Transmission Assembly
The Payload transmits data using CPolSK. After evaluating several modulation methods, the final design uses two 1550 nm seed lasers with orthogonal linear polarizations. An FPGA drives one laser at a time via a bias circuit, producing a modulated linearly polarized signal, which is amplified by an EDFA. Linear polarization is converted to circular through a QWP.
Telescope Assembly
The Payload Keplerian Telescope is designed to simultaneously focus the OGS uplink beacon along the path to the QPD, while expanding the Payload transmission beam on its way to the OGS.
Beacon Assembly
A TO-can laser diode operating at 638 nm with an output of 200 mW serves as a beacon source to aid in coarse pointing alignment between the satellite and the ground station.
Validation of our design:
Optical Simulations
Zemax OpticStudio (Zemax) is an optical simulation software that allows us to run a preliminary test & tolerance on the entire Payload. Zemax has been used to model the Payload optical layout and analyze sensitive components performance with ray-tracing data.

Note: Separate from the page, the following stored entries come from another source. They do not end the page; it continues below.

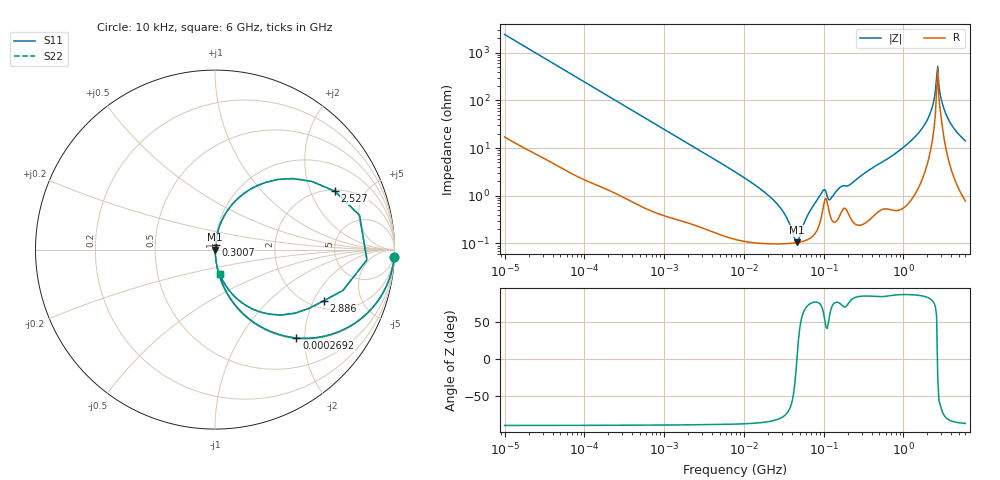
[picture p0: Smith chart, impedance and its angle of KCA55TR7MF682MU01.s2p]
!Murata Part Number: KCA55TR7MF682MU01
!These Parameters are Measured in Series Mode Connection
!Data Generated on Jan 08, 2026
!  o--ll--o
!Port1  Port2
!  o------o
!Operation Temp=25[degC], DC Bias Voltage=0[V]
!Freq. Start=10[kHz] Stop=6[GHz] 401[Steps]
# Hz S RI R 50
!Freq.(Hz) S11(Real) S11(Imag) S21(Real) S21(Imag) S12(Real) S12(Imag) S22(Real) S22(Imag)
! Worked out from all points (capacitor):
!   401 points, 10 kHz to 6 GHz, reference 50 ohm
!   read as one part in series: C = 6.6 nF near 10.69 kHz
!   lowest |Z| = 105 mohm at 46.68 MHz (marker M1)
!   series resonance near 46.26 MHz, so ESL is about 1.8 nH
!   S11 on the Smith chart (normalised r, x): 10 kHz: 1, -48; 269.2 kHz: 1.02, -1.82; 300.7 MHz: 1.00, +0.05; 2.527 GHz: 2.07, +3.01; 2.886 GHz: 2.33, -2.41; 6 GHz: 1.02, -0.28
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10000  0.998 -0.0414  0.00201 0.0414  0.00201 0.0414  0.998 -0.0414
92862  0.8707 -0.3312  0.1293 0.3312  0.1293 0.3312  0.8707 -0.3312
269211  0.4534 -0.4922  0.5466 0.4922  0.5466 0.4922  0.4534 -0.4922
862344  0.0789 -0.2624  0.9211 0.2624  0.9211 0.2624  0.0789 -0.2624
7745967  0.00221 -0.0316  0.9978 0.0316  0.9978 0.0316  0.00221 -0.0316
2.565129e7  0.00102 -0.00687  0.999 0.00687  0.999 0.00687  0.00102 -0.00687
3.347128e7  0.000997 -0.00365  0.999 0.00365  0.999 0.00365  0.000997 -0.00365
4.667948e7  0.00104 0.000103  0.999 -0.000103  0.999 -0.000103  0.00104 0.000103
7.193098e7  0.00141 0.0055  0.9986 -0.0055  0.9986 -0.0055  0.00141 0.0055
9.70341e7  0.00484 0.0113  0.9952 -0.0113  0.9952 -0.0113  0.00484 0.0113
1.224735e8  0.00362 0.00772  0.9964 -0.00772  0.9964 -0.00772  0.00362 0.00772
1.598104e8  0.00402 0.0142  0.996 -0.0142  0.996 -0.0142  0.00402 0.0142
3.006542e8  0.00315 0.0266  0.9968 -0.0266  0.9968 -0.0266  0.00315 0.0266
6.67969e8  0.00898 0.0617  0.991 -0.0617  0.991 -0.0617  0.00898 0.0617
1.811831e9  0.0997 0.2563  0.9003 -0.2563  0.9003 -0.2563  0.0997 0.2563
2.286837e9  0.3497 0.3907  0.6503 -0.3907  0.6503 -0.3907  0.3497 0.3907
2.526803e9  0.6678 0.3252  0.3322 -0.3252  0.3322 -0.3252  0.6678 0.3252
2.700612e9  0.8464 -0.0574  0.1536 0.0574  0.1536 0.0574  0.8464 -0.0574
2.886376e9  0.6059 -0.2854  0.3941 0.2854  0.3941 0.2854  0.6059 -0.2854
3.189254e9  0.3696 -0.3643  0.6304 0.3643  0.6304 0.3643  0.3696 -0.3643
3.766309e9  0.149 -0.2953  0.851 0.2953  0.851 0.2953  0.149 -0.2953
6e9  0.0268 -0.1363  0.9732 0.1363  0.9732 0.1363  0.0268 -0.1363

We have collected key tolerancing data for the Steering and Detection assemblies, including the identification of vignetting and tilt limitations in the FSM mirror, leading to the selection of a 6.4 mm diameter with a 4.25° maximum tilt. Misalignment effects such as body-pointing, thermal expansion, and stray reflections are also being studied. More on optical simulations here.
Link Budget
A key aspect of laser communication systems engineering is the link budget. By accounting for individual effects on optical power, we can help ensure that the designed payload closes the link with the necessary margin, especially in worst-case scenarios. PULSE-A’s transmission signal is designed to maintain >6 dB of margin at all times throughout a pass. More on link budget here.
Experimental Work
Laser Drving
Our setup uses two seed lasers, each driven by a Thorlabs LD1101 and T-Bias and modulated at 10 MHz by an FPGA, with only one laser active at a time to emit a specific linear polarization. The beams are combined using a 2×1 fiber combiner and passed through a quarter-wave plate to generate right- or left-handed circular polarization for CPolSK-based binary modulation.
Telescope Characterization
Our set up creates circularly polarized beam and expands the beam up to 30cm. We scan across the area of the OGS telescope in search of polarization distortions introduced by its coatings.
PM Fiber Test
This setup simulates polarization misalignment from a fiber-in/fiber-out component using a half-wave plate (HWP) and rotating linear polarizer (LP) on a 1550 nm fiber-collimated U-bench, connected via PANDA PM fiber to a seed laser and a PAX1000VIS polarimeter. Mueller matrix formalism was used to model SOP transformations, as it accounts for partial polarization (DOP < 100%) and enables prediction of the output Stokes vector.